I think I understand Seth's point to be distinguishing the weights object from the weighted adjacency matrix. If you do collect(weights(mg)) .* adjacency_matrix(mg) you get the weighted adjacency matrix. A nonbreaking solution could be to introduce a weighted_adjacency_matrix(mg) function.

jpfairbanks avatar Jan 28 '21 13:01 jpfairbanks

I could live with that. But it would keep the inconsistencies between MetaGraphs and SimpleWeightedGraphs, which is not very nice.

Either of the two changes I am proposing is breaking, unfortunately. But I would consider the current behavior as bugs in both cases.

One could

  1. introduce weighted_adjacency_matrix
  2. deprecate weights in favor weighted_adjacency_matrix
  3. if necessary, introduce fast_weights for the current behavior

Changing the behavior of adjacency_matrix in SWG is probably more difficult to handle nicely.

greimel avatar Jan 28 '21 13:01 greimel

I'm tempted to make weights private (that is, not part of any API contract). Would that solve the issue?

sbromberger avatar Feb 15 '21 18:02 sbromberger

Closing this out as it appears that the discussion has run its course.

sbromberger avatar Jul 06 '21 12:07 sbromberger

I'd appreciate if you could reopen this. I don't think the issue is solved. (It's just that I was busy with other things.)

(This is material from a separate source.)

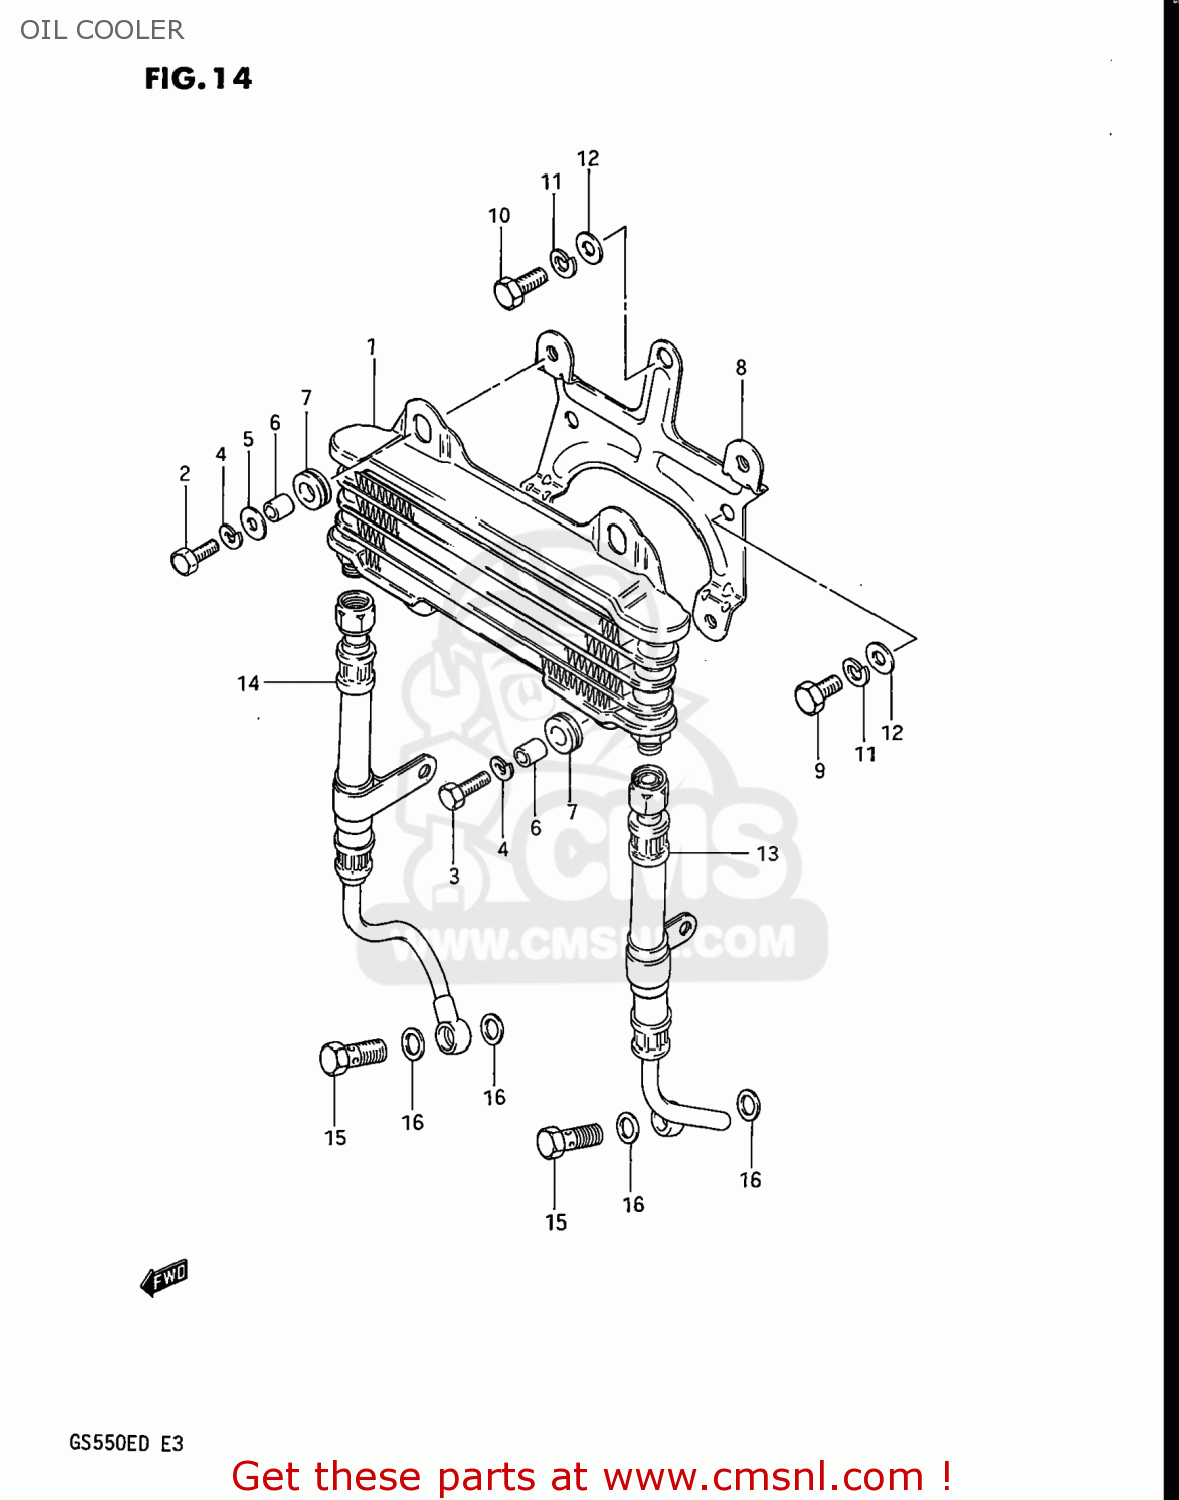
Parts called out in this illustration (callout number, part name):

If you create the same graph, once as a SimpleWeightedGraph and once as a MetaGraph with weights, then all kinds of network statistics give different results. I think this is a bug that should be fixed.

Once I am bitten by this issue again, I'll make that PR (that I announced months ago, sorry!).

greimel avatar Jul 06 '21 12:07 greimel

Happy to reopen. I still think weights needs to be private.